## EXERCISE AIM:
Check every line of the entries below for "Locators", and copy the lines that have it.
Content starts
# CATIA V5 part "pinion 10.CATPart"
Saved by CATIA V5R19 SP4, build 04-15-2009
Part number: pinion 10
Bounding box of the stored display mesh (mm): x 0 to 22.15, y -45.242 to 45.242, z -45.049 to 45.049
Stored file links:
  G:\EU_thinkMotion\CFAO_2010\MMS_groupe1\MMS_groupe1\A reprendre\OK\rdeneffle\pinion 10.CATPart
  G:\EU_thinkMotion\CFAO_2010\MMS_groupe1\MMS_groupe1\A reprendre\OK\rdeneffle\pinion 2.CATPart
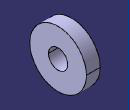
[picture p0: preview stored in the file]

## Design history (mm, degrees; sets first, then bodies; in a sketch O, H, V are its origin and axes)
Parameters
  `rayon interieur` = 15.505 mm
  `rayon extérieur` = 35.556 mm
  `rayon interieur.1` = 15.505 mm
  `rayon extérieur.1` = 45.242 mm
Body1 (main body)
Body2
  Sketch1 on yz-plane, origin (0, 0, 0), H (0, 1, 0), V (0, 0, 1)
    circle A1 centre (0, 0) radius 15.505
    circle A2 centre (0, 0) radius 45.242
    radius A2 = 45.242 {= `rayon extérieur.1`}
    radius A1 = 15.505 {= `rayon interieur.1`}
  Pad1: profile Sketch1, direction (1, 0, 0), length 22.15
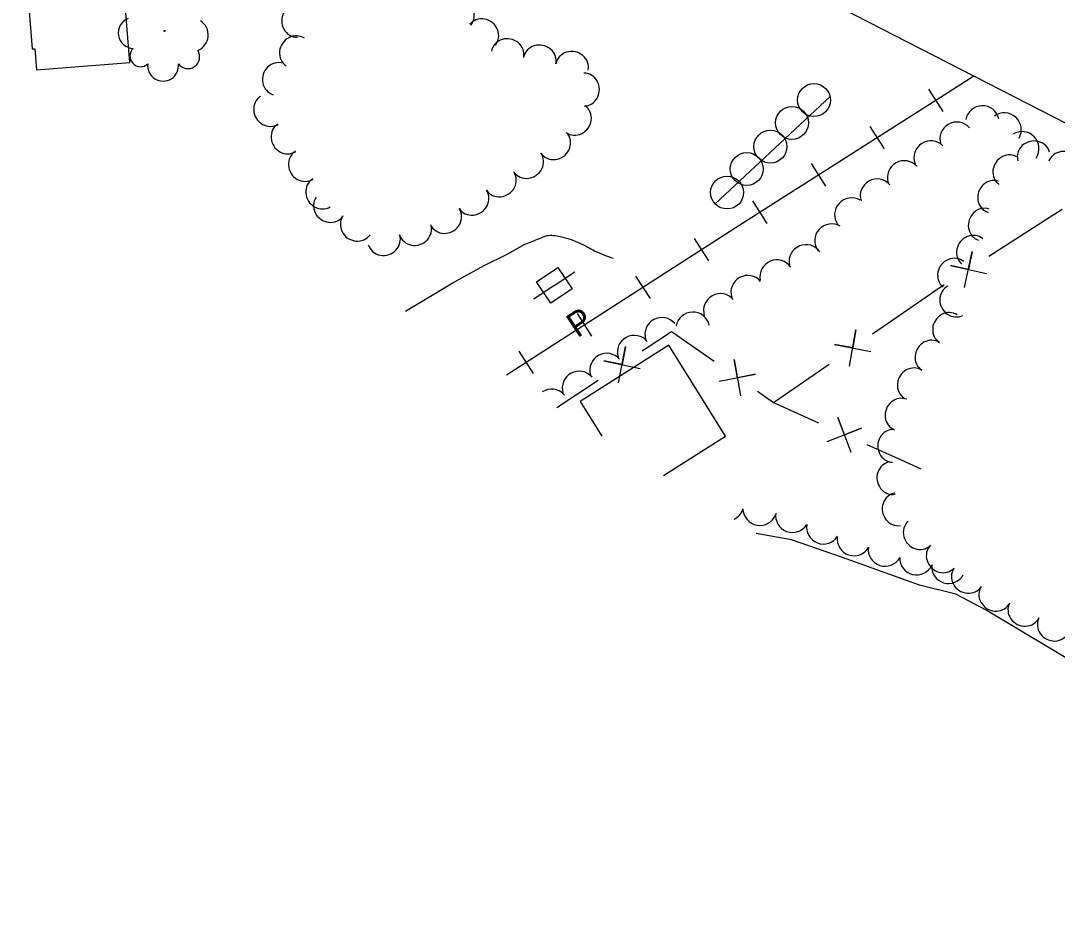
# Model space of a CAD drawing. Extents: x 1746010 to 1754829, y 655801 to 663091.
# Drawn here: x 1746597.6 to 1746912.4, y 662299.8 to 662573.6 of the extents above; entities that cross this region are included whole.
import ezdxf

# ---------------------------------------------------------------- set-up
doc = ezdxf.new("R2010")
doc.units = 0
for name, color, linetype in [('SURVEY - AERIAL SURVEY - Photo Control - Points - Elevations', 7, 'Continuous'), ('SURVEY - AERIAL SURVEY - Photo Control - Points - Locators', 7, 'Continuous'), ('SURVEY - AERIAL SURVEY - Photo Control with Text', 7, 'Continuous'), ('SURVEY - CENTERLINE - Existing Roads - Development', 7, 'Continuous'), ('SURVEY - CENTERLINE - Existing Roads Curve Text', 7, 'Continuous'), ('SURVEY - CENTERLINE - Existing Roads Text', 7, 'Continuous')]:
    doc.layers.add(name, color=color, linetype=linetype)

msp = doc.modelspace()

# ---------------------------------------------------------------- linework, layer by layer
at = {"layer": 'SURVEY - AERIAL SURVEY - Photo Control - Points - Elevations'}
msp.add_lwpolyline([(1746939.36, 662658.3), (1747047.15, 662601.95), (1746935.67, 662531.86), (1746826.79, 662587.8)], dxfattribs=at)
at = {"layer": 'SURVEY - AERIAL SURVEY - Photo Control - Points - Locators'}
for p, q in [((1746877.74, 662546.04), (1746873.38, 662552.86)), ((1746859.93, 662534.72), (1746855.57, 662541.54)), ((1746842.12, 662523.4), (1746837.77, 662530.22)), ((1746824.32, 662512.08), (1746819.96, 662518.9)), ((1746806.57, 662500.69), (1746802.18, 662507.5)), ((1746788.82, 662489.27), (1746784.44, 662496.08)), ((1746771.08, 662477.86), (1746766.69, 662484.66)), ((1746753.33, 662466.44), (1746748.95, 662473.25))]:
    msp.add_line(p, q, dxfattribs=at)
for points in [[(1746887.11, 662556.81), (1746879.12, 662551.72), (1746817.44, 662512.5), (1746745.08, 662465.95)], [(1746714.45, 662485.44), (1746728.61, 662493.92), (1746738.34, 662499.27), (1746745.47, 662502.86), (1746750.71, 662505.8)], [(1747021.09, 662299.79), (1747018.78, 662306.1), (1747009.96, 662317.06), (1746994.58, 662331.26), (1746981.41, 662340.35), (1746952.61, 662356.87), (1746930.16, 662371.03), (1746910.96, 662382.58), (1746890.81, 662394.58), (1746881.63, 662399.49), (1746870.54, 662402.23), (1746847.21, 662410.58), (1746831.64, 662415.93), (1746820.94, 662417.91)]]:
    msp.add_lwpolyline(points, dxfattribs=at)
msp.add_spline([(1746750.71, 662505.8), (1746755.1, 662507.49), (1746757.41, 662508.35), (1746761.43, 662508.07), (1746767.41, 662506.09), (1746771.87, 662503.74), (1746777.48, 662501.47)], degree=3, dxfattribs=at)
at = {"layer": 'SURVEY - AERIAL SURVEY - Photo Control with Text'}
for p, q in [((1746808.36, 662517.96), (1746843.47, 662550.64)), ((1746838.52, 662549.5), (1746838.52, 662549.5)), ((1746831.87, 662542.6), (1746831.87, 662542.6)), ((1746825.31, 662535.39), (1746825.31, 662535.39)), ((1746818.14, 662528.6), (1746818.14, 662528.6)), ((1746812.16, 662521.45), (1746812.16, 662521.45))]:
    msp.add_line(p, q, dxfattribs=at)
for centre in [(1746838.51, 662549.54), (1746831.83, 662542.6), (1746825.27, 662535.39), (1746818.1, 662528.6), (1746812.12, 662521.45)]:
    msp.add_circle(centre, 5, dxfattribs=at)
at = {"layer": 'SURVEY - CENTERLINE - Existing Roads - Development'}
for points in [[(1746602.38, 662558.69), (1746630.75, 662560.99), (1746627.8, 662597.33), (1746622.54, 662602.85), (1746608.66, 662601.72), (1746608.07, 662609.06), (1746597.57, 662608.21), (1746601.07, 662565.09), (1746601.86, 662565.15), (1746602.38, 662558.69)], [(1746901.24, 662508.29), (1746913.89, 662516.36)], [(1746891.63, 662502.15), (1746901.24, 662508.29)], [(1746884.23, 662492.56), (1746886.58, 662503.56), (1746885.45, 662498.09), (1746879.93, 662499.31), (1746890.89, 662496.81)], [(1746865.67, 662485.04), (1746875.48, 662491.84), (1746878.06, 662493.49)], [(1746856.3, 662478.54), (1746865.67, 662485.04)], [(1746786.34, 662473.35), (1746795.21, 662479.23), (1746795.83, 662478.8)], [(1746849.27, 662468.67), (1746851.2, 662479.75), (1746850.28, 662474.24), (1746844.71, 662475.25), (1746855.76, 662473.18)], [(1746795.83, 662478.8), (1746808.15, 662470.25)], [(1746779.1, 662463.63), (1746781.26, 662474.66), (1746780.22, 662469.17), (1746774.68, 662470.3), (1746785.69, 662468)], [(1746809.67, 662464.2), (1746820.73, 662466.27), (1746815.24, 662465.2), (1746814.24, 662470.77), (1746816.17, 662459.69)], [(1746830.75, 662460.82), (1746843.07, 662469.36)], [(1746760.42, 662456.16), (1746772.92, 662464.45)], [(1746821.38, 662461.07), (1746826.24, 662457.69), (1746830.75, 662460.82)], [(1746826.24, 662457.69), (1746839.91, 662451.53)], [(1746842.5, 662445.86), (1746852.99, 662449.91), (1746847.79, 662447.87), (1746845.79, 662453.16), (1746849.7, 662442.62)], [(1746854.57, 662444.92), (1746864.96, 662440.24)], [(1746864.96, 662440.24), (1746870.98, 662437.53)]]:
    msp.add_lwpolyline(points, dxfattribs=at)
at = {"layer": 'SURVEY - CENTERLINE - Existing Roads Curve Text'}
for q in [(1746765.87, 662497.4), (1746753.38, 662489.1)]:
    msp.add_line((1746759.62, 662493.25), q, dxfattribs=at)
msp.add_lwpolyline([(1746754.22, 662494.34), (1746760.71, 662498.66), (1746765.03, 662492.16), (1746758.53, 662487.84)], close=True, dxfattribs=at)
msp.add_lwpolyline([(1746792.82, 662435.47), (1746811.66, 662447.45), (1746794.38, 662475.04), (1746767.51, 662457.95), (1746774.11, 662447.42)], dxfattribs=at)
at = {"layer": 'SURVEY - CENTERLINE - Existing Roads Text'}
msp.add_circle((1746641.26, 662570.53), 0.164, dxfattribs=at)
for centre, radius, start, end in [((1746631.89, 662569.94), 4.7, 111.3897, 268.1786), ((1746649.47, 662569.33), 5.06, 291.4323, 58.2779), ((1746633.96, 662562.9), 3.23, 133.5059, 312.2515), ((1746648.34, 662562.65), 3.57, 216.1452, 33.4644), ((1746640.8, 662559.98), 4.69, 173.5266, 6.9462), ((1746889.66, 662542.69), 5.13, 12.9459, 169.7393), ((1746896.35, 662540.52), 5.13, 329.7073, 126.5007), ((1746881.89, 662537.73), 5.13, 41.859, 198.6525), ((1746901.72, 662534.83), 5.13, 325.6722, 122.4656), ((1746874.01, 662532.04), 5.13, 44.4925, 201.2859), ((1746865.93, 662525.99), 5.13, 40.7435, 197.5369), ((1746857.69, 662520.45), 5.13, 40.7435, 197.5369), ((1746849.91, 662514.71), 5.13, 59.3927, 216.1862), ((1746843.86, 662506.81), 5.13, 59.3927, 216.1862), ((1746836.09, 662500.49), 5.13, 34.4858, 191.2792), ((1746827.23, 662495.87), 5.13, 34.4858, 191.2792), ((1746818.41, 662491.14), 5.13, 40.538, 197.3314), ((1746810.1, 662485.61), 5.13, 40.538, 197.3314), ((1746792.29, 662478.36), 5.13, 40.0009, 196.7944), ((1746801.7, 662480.03), 5.13, 13.0642, 169.8577), ((1746783.92, 662472.93), 5.13, 40.0009, 196.7944), ((1746775.55, 662467.49), 5.13, 40.0009, 196.7944), ((1746767.18, 662462.05), 5.13, 40.0009, 196.7944), ((1746758.81, 662456.62), 5.13, 40.0009, 123.6128), ((1746812.07, 662426.88), 5.13, 294.7628, 344.3641), ((1746822.06, 662425.45), 5.13, 181.5927, 338.3862), ((1746831.99, 662423.31), 5.13, 171.3041, 328.0975), ((1746841.37, 662419.8), 5.13, 170.5653, 327.3587), ((1746850.66, 662416.25), 5.13, 172.8993, 329.6927), ((1746860.12, 662413.06), 5.13, 172.8993, 329.6927), ((1746869.66, 662410.44), 5.13, 177.9779, 334.7713), ((1746879.37, 662407.83), 5.13, 174.489, 331.2824)]:
    msp.add_arc(centre, radius, start, end, dxfattribs=at)
for centre, major_axis in [((1746730.43, 662575.51), (3.86, -3.18)), ((1746681.54, 662573.61), (-0.08, 5)), ((1746737.87, 662569.4), (3.86, -3.18)), ((1746680.97, 662564.14), (2.76, 4.17)), ((1746745.42, 662563.47), (4.91, -0.97)), ((1746755.22, 662561.53), (4.91, -0.97)), ((1746765.02, 662559.6), (4.91, -0.97)), ((1746675.7, 662555.93), (1.49, 4.77)), ((1746768.63, 662552.73), (0.04, -5)), ((1746673.1, 662546.45), (-2.67, 4.22)), ((1746766.1, 662543.75), (-2.92, -4.06)), ((1746678.38, 662538.11), (-2.67, 4.22)), ((1746759.69, 662536.25), (-4.1, -2.86)), ((1746905.24, 662532.41), (4.83, 1.28)), ((1746683.65, 662529.74), (-2.66, 4.23)), ((1746751.48, 662530.54), (-4.1, -2.86)), ((1746897.65, 662527.98), (2.86, 4.1)), ((1746914.49, 662529.17), (4.67, -1.8)), ((1746743.19, 662524.94), (-4.16, -2.78)), ((1746688.91, 662521.37), (-2.66, 4.23)), ((1746892.98, 662520.14), (1.61, 4.74)), ((1746691.38, 662517.18), (-4.11, 2.85)), ((1746734.87, 662519.39), (-4.16, -2.78)), ((1746890.12, 662511.69), (1.61, 4.74)), ((1746699.55, 662511.5), (-4.11, 2.85)), ((1746726.56, 662513.84), (-4.16, -2.78)), ((1746717.38, 662510.13), (-4.76, -1.54)), ((1746707.9, 662507.06), (-4.76, -1.54)), ((1746886.63, 662503.56), (3.18, 3.86)), ((1746880.89, 662496.6), (3.18, 3.86)), ((1746881.48, 662488.58), (-2.27, 4.45)), ((1746879.35, 662480.08), (2.69, 4.22)), ((1746873.99, 662471.67), (2.69, 4.22)), ((1746868.62, 662463.26), (2.69, 4.22)), ((1746864.85, 662454), (1.85, 4.64)), ((1746862.57, 662444.5), (0.17, 5)), ((1746862.34, 662434.72), (-0.84, 4.93)), ((1746863.95, 662425.25), (-0.84, 4.93)), ((1746870.46, 662417.88), (-3.39, 3.67)), ((1746877.48, 662410.83), (-3.6, 3.47)), ((1746885.16, 662404.53), (-4.19, 2.73)), ((1746893.51, 662399.08), (-4.19, 2.73)), ((1746902.37, 662394.49), (-4.47, 2.25)), ((1746911.3, 662389.99), (-4.47, 2.25))]:
    msp.add_ellipse(centre, major_axis=major_axis, ratio=0.940188, start_param=0, end_param=3.141593, dxfattribs=at)

# ---------------------------------------------------------------- texts
at = {"layer": 'SURVEY - CENTERLINE - Existing Roads Curve Text'}
msp.add_text('P', height=7.48, rotation=33.6177, dxfattribs=at).set_placement((1746766.62, 662477.12))

doc.saveas('drawing.dxf')
Content ends
## ANSWER FOR THE TASK:
for name, color, linetype in [('SURVEY - AERIAL SURVEY - Photo Control - Points - Elevations', 7, 'Continuous'), ('SURVEY - AERIAL SURVEY - Photo Control - Points - Locators', 7, 'Continuous'), ('SURVEY - AERIAL SURVEY - Photo Control with Text', 7, 'Continuous'), ('SURVEY - CENTERLINE - Existing Roads - Development', 7, 'Continuous'), ('SURVEY - CENTERLINE - Existing Roads Curve Text', 7, 'Continuous'), ('SURVEY - CENTERLINE - Existing Roads Text', 7, 'Continuous')]:
at = {"layer": 'SURVEY - AERIAL SURVEY - Photo Control - Points - Locators'}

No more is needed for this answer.